Adoption of a Tertiary Hospital MRSA Outbreak Management Algorithm for Effective Containment of an EMRSA-15 (ST22-IV) Cluster in a Rehabilitation Ward

Ms Rosie Lee1, Mr Simon Meyer-Henry1

1Royal Perth Hospital, Perth, Australia


In WA, for 2015-2016, Healthcare-associated MRSA (HA-MRSA) accounted for 23% of MRSA HAIs. Of these 92% were EMRSA-15 (ST22-IV), a significant strain in the hospital setting.


In February 2017, 1 case of EMRSA-15 infection was detected from a patient in an aged care rehabilitation ward in a metropolitan non-tertiary hospital.

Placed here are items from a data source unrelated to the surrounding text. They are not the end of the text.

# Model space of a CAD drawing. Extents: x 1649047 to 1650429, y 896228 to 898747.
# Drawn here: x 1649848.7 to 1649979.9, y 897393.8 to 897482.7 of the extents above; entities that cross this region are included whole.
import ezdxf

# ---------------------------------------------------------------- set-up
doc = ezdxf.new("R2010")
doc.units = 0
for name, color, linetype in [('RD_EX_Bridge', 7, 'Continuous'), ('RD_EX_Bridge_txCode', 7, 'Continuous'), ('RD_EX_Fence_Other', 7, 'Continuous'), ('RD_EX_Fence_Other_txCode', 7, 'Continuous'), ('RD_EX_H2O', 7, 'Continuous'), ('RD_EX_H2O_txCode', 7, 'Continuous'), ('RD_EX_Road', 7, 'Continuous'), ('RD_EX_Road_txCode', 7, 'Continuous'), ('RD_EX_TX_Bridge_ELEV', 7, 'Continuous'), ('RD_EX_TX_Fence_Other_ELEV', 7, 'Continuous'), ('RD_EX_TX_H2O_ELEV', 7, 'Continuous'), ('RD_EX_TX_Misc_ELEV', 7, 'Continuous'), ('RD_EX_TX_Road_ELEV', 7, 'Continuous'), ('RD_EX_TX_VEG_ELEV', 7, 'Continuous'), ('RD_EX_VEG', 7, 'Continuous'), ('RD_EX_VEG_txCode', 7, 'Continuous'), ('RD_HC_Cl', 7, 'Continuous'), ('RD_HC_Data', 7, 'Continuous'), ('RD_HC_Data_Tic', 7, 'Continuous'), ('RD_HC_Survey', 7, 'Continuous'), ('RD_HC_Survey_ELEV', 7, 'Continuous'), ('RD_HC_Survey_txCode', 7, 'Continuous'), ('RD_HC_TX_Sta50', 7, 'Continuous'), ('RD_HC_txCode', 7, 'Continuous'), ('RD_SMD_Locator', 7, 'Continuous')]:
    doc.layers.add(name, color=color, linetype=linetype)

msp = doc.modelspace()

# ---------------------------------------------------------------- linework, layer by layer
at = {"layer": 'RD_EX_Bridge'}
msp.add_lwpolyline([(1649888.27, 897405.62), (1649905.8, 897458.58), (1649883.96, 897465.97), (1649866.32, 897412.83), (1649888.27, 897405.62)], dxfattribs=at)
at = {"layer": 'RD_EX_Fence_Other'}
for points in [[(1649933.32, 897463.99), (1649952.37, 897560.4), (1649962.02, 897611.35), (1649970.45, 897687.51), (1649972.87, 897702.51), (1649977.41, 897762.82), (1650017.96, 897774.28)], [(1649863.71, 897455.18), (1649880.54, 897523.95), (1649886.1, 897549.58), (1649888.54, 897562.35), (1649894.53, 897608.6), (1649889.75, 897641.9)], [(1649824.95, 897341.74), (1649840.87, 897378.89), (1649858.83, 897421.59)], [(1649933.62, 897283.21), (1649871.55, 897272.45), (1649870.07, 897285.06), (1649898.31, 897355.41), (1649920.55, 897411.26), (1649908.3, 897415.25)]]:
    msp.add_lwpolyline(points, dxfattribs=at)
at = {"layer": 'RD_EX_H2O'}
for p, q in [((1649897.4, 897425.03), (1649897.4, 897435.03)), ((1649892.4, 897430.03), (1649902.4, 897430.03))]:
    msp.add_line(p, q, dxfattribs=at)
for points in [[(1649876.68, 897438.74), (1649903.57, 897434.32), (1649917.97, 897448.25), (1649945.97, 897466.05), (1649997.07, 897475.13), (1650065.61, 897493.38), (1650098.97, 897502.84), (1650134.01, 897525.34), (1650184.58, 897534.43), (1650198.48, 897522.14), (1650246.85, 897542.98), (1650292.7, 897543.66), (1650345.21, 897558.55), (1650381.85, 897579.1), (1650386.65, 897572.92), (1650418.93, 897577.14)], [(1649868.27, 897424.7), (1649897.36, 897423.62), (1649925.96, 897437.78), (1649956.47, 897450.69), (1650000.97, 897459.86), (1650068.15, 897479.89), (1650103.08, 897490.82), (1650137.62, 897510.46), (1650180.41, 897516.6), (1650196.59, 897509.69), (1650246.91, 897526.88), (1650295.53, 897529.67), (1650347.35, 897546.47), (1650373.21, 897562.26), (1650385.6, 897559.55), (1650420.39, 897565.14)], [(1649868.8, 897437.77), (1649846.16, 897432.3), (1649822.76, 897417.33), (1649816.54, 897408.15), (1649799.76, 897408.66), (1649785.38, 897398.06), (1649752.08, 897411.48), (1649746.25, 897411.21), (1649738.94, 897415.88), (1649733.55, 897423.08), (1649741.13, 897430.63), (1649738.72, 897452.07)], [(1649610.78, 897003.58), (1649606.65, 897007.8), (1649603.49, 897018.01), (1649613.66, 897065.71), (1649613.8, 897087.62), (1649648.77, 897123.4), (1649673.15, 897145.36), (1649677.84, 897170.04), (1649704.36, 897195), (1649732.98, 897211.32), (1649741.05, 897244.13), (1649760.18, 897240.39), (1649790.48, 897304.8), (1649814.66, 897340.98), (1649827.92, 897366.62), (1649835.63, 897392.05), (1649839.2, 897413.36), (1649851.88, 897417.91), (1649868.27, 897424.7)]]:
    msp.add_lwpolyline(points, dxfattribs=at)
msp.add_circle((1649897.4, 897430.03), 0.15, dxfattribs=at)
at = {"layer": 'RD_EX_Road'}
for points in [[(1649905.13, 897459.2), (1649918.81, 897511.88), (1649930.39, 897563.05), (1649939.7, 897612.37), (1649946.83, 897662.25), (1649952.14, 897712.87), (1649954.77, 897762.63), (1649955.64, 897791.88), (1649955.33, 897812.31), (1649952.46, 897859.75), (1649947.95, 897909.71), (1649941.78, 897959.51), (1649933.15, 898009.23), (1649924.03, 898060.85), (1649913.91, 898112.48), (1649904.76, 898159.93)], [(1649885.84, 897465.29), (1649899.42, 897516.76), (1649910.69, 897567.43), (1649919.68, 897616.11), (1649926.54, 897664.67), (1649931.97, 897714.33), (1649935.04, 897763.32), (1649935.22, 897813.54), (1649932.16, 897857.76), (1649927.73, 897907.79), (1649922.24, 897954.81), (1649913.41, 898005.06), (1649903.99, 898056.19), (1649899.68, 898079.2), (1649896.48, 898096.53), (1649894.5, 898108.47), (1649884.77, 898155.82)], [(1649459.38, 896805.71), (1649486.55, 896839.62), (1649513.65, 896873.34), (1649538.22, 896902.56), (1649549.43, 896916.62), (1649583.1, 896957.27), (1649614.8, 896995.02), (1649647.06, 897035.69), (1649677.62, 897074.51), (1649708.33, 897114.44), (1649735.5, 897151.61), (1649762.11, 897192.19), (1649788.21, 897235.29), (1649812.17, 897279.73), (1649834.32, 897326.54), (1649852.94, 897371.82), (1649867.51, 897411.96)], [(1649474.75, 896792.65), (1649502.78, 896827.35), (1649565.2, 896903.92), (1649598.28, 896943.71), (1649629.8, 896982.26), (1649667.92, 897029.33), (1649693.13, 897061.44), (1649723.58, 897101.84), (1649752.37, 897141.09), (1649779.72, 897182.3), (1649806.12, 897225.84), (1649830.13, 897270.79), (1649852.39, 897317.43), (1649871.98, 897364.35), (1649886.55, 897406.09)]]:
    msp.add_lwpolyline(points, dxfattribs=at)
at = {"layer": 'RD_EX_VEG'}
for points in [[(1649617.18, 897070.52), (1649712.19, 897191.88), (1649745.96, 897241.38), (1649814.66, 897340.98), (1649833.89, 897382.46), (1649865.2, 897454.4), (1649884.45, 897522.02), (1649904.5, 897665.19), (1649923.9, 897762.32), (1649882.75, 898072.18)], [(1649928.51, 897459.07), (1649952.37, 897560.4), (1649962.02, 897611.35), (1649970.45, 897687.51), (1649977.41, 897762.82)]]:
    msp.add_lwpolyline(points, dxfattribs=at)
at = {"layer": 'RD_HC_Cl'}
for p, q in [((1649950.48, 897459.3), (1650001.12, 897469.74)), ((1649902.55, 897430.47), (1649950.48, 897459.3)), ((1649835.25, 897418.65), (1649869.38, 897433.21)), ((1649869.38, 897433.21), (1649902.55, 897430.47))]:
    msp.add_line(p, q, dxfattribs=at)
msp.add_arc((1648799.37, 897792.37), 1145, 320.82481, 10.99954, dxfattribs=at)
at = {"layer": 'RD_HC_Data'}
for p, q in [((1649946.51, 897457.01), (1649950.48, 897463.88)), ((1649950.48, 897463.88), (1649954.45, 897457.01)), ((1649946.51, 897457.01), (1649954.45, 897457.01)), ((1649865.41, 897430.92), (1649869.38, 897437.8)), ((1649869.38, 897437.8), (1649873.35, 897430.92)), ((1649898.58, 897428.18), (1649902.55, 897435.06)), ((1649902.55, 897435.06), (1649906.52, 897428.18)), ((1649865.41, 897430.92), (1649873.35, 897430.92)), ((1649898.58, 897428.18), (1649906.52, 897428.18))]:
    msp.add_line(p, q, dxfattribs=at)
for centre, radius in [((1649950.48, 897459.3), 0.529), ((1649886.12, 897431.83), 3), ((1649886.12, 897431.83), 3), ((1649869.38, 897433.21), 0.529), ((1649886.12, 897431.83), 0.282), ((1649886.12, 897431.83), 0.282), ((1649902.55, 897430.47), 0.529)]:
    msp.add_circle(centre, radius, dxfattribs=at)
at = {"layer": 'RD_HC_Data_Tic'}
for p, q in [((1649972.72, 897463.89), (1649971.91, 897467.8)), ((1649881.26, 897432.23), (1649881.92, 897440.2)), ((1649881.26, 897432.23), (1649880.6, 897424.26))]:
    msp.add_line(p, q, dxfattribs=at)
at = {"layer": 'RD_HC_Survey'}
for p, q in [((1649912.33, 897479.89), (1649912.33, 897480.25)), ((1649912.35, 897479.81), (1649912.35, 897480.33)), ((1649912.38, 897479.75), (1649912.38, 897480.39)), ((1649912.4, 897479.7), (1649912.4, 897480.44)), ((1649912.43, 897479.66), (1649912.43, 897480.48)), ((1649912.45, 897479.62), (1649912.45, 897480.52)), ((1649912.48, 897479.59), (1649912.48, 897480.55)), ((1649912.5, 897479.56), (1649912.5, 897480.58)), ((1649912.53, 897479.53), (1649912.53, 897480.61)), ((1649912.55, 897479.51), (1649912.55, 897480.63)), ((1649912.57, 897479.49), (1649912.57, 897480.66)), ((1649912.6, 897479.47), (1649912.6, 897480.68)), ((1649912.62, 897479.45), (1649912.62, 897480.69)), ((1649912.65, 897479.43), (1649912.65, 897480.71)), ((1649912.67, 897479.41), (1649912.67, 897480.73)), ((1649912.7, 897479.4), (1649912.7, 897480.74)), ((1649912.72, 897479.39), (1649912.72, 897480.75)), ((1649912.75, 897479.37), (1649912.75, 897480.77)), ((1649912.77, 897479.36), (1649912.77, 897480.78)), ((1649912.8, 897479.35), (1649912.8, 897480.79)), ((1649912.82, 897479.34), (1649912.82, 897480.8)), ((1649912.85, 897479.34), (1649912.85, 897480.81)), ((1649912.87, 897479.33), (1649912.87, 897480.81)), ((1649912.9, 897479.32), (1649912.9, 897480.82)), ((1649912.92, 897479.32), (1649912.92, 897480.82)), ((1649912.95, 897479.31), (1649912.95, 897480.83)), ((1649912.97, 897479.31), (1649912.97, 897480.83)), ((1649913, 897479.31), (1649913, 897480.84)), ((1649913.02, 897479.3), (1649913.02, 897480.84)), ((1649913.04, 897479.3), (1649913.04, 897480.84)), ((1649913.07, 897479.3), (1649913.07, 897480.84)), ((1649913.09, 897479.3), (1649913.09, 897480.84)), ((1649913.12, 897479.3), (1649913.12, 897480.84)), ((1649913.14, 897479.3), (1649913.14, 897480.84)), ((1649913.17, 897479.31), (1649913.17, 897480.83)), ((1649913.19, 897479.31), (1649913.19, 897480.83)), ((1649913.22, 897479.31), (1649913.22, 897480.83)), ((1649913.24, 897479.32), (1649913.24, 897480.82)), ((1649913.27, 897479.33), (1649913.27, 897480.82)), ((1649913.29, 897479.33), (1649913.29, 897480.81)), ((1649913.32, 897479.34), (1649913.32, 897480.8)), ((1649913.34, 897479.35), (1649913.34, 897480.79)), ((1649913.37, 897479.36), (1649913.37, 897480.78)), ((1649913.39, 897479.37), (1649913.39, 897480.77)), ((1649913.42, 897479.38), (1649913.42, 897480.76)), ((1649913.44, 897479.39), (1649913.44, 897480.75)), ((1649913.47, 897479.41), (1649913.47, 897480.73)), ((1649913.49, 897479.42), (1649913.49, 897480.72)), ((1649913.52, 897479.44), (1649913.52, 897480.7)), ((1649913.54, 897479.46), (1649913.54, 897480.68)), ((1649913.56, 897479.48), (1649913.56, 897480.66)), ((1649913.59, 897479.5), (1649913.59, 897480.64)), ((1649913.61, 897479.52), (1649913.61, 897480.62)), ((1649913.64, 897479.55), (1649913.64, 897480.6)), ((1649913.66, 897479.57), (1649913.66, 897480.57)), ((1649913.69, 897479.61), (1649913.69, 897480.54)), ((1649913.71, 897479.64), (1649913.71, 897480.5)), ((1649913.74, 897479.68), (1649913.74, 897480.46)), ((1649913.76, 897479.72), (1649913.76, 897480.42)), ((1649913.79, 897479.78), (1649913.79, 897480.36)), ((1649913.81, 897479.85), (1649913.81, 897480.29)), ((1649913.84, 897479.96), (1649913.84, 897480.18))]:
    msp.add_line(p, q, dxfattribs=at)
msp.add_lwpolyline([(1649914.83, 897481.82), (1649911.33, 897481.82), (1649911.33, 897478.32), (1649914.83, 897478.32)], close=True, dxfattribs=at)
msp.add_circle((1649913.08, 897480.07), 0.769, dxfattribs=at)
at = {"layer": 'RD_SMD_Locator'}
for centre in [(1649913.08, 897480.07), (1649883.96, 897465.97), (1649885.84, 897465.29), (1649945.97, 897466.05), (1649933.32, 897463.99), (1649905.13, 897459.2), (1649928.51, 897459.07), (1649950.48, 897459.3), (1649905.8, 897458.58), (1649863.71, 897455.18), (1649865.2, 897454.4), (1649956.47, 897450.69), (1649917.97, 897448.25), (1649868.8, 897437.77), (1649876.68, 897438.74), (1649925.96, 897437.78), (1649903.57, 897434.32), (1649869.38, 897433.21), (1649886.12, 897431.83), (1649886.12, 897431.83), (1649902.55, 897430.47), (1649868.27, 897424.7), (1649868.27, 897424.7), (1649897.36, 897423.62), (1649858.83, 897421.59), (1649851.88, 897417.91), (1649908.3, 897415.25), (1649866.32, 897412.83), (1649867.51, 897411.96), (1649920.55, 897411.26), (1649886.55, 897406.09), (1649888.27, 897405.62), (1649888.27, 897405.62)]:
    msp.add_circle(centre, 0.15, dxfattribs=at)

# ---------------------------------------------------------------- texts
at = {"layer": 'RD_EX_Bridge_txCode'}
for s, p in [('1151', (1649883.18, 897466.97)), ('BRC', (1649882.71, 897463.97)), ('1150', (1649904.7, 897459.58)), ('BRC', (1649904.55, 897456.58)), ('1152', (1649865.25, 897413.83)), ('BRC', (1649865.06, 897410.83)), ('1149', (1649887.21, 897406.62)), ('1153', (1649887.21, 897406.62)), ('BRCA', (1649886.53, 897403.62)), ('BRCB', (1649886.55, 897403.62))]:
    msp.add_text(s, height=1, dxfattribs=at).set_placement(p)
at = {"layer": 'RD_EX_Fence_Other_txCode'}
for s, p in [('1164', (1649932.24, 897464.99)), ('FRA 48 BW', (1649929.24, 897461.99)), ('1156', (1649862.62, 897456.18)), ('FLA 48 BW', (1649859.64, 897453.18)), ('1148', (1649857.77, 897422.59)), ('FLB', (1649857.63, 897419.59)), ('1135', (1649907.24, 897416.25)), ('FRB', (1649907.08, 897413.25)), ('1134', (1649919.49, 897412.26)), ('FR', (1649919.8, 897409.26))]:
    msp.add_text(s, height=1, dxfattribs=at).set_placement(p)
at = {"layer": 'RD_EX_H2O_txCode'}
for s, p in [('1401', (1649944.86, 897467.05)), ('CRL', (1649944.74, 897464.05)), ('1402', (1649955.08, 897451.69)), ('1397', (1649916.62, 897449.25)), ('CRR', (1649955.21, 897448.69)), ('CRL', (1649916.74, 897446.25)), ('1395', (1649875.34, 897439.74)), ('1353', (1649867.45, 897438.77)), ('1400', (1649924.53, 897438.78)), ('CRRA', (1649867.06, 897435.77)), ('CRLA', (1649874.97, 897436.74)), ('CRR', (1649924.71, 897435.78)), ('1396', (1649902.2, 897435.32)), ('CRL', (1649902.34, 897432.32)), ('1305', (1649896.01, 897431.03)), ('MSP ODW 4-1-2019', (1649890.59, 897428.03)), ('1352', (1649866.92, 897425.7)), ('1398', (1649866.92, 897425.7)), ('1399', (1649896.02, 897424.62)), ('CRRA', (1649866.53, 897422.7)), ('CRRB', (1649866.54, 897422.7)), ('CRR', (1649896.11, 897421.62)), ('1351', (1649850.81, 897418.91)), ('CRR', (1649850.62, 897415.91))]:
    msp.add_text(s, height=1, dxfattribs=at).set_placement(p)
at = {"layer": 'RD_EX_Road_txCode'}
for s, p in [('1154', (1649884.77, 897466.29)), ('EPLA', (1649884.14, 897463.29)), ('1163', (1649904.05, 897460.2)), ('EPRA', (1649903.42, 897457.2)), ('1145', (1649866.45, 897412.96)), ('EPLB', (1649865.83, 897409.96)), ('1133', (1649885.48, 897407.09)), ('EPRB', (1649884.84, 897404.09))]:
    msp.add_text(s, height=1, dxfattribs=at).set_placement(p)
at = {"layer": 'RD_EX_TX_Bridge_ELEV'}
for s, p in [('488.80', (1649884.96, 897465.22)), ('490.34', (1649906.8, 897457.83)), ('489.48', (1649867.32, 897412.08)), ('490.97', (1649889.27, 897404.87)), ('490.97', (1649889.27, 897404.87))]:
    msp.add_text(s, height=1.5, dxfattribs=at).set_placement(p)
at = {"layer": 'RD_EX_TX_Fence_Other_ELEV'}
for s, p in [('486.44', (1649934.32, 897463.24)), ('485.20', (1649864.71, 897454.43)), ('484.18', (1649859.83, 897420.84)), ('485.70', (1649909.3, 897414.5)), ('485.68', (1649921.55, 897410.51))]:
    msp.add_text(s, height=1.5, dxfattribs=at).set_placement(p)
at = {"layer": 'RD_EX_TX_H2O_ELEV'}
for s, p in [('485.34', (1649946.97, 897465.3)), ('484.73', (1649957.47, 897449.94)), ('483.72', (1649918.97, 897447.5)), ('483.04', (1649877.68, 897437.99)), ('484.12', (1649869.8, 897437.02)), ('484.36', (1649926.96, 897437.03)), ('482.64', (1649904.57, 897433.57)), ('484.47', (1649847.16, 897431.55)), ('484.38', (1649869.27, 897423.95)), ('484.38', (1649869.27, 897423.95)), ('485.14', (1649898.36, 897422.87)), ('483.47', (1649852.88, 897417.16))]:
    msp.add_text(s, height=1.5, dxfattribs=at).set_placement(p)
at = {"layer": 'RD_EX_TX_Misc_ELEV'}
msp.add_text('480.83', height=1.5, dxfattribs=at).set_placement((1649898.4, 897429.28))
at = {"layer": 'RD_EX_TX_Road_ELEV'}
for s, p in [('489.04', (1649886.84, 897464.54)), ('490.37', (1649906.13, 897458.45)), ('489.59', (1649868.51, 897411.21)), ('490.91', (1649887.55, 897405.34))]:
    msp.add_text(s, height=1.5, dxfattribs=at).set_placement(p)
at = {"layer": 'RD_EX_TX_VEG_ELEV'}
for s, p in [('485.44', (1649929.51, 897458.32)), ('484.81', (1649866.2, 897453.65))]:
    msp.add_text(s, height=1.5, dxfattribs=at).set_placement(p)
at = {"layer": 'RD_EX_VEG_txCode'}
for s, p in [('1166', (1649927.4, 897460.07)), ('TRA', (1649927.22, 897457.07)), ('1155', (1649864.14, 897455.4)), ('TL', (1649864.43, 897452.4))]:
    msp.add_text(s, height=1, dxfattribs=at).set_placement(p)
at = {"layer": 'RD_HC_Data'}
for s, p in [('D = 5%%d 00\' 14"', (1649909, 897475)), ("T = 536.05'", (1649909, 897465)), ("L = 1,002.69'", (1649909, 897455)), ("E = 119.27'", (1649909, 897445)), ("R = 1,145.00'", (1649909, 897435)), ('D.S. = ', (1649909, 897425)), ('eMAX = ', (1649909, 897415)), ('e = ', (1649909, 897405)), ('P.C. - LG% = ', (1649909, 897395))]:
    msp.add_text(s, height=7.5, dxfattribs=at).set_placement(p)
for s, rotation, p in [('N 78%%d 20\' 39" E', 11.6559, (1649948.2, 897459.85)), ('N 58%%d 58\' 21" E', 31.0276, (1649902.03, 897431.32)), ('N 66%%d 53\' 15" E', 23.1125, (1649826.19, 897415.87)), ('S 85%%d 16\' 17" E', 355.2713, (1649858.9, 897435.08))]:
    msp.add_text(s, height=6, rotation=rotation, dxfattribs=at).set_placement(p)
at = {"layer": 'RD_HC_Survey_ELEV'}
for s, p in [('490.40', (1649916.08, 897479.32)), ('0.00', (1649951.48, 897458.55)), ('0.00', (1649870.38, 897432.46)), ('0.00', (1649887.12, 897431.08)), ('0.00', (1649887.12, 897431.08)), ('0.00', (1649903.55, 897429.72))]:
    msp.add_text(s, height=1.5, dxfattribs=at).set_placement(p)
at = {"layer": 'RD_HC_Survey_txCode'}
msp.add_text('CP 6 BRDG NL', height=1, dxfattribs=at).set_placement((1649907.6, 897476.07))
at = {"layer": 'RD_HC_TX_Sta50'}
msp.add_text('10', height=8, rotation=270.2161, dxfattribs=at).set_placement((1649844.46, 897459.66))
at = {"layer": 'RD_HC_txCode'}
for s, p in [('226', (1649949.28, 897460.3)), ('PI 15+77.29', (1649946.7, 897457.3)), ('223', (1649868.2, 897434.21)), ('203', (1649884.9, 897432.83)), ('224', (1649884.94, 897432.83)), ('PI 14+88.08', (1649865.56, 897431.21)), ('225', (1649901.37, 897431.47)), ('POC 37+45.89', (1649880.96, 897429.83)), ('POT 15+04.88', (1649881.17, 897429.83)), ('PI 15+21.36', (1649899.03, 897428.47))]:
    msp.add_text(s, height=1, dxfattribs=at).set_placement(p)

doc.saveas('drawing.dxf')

The Infection Prevention Unit was notified of a second case of EMRSA-15 colonisation detected in an inpatient screened whilst attending an outpatient appointment at another facility.

In 2016, the non-tertiary hospital amalgamated with the tertiary hospital and infection control policies aligned. Consequently, the detection of 2 EMRSA-15 cases led to an epidemiological investigation using the tertiary hospital’s MRSA outbreak management algorithm. The control strategies included isolation of positive patients, screening requirements and environmental cleaning.

A 2014 publication based on a retrospective review of MRSA outbreaks at the tertiary hospital supported the introduction of early screening and decolonisation of Healthcare Workers (HCW) to control EMRSA-15 outbreaks.


Investigation identified the 2nd case had been admitted into a bed space previously occupied by the index case, and vacated only minutes earlier. Requisite screening of ward contacts identified an additional patient with EMRSA-15 infection. Consequent screening of 72 HCWs detected 3 EMRSA-15 staff cases, who received topical MRSA decolonisation treatment.


In non-tertiary settings cases of clinical infection with EMRSA-15 should be investigated and strategies employed to curb transmission. Along with identification of colonised patients, early identification and treatment of HCWs may be warranted to swiftly contain the EMRSA-15 cluster.


Rosie is the Coordinator of the Infection Prevention & Management Unit in a tertiary hospital in WA. She is a Credentialed ICP with over 25 years extensive experience in infection prevention. She has co-authored several articles for both Australian and International Medical Journals. Rosie is actively involved and committed to professional development and has served as President for the State Associations prior to the formation of ACIPC. She was a member of the Colleges’ Credentialing Committee and Chair of the 2014 Conference Organising Committee. She also served on the ACSQHC HAI Implementation Advisory Committee and HAI Technical Advisory Group.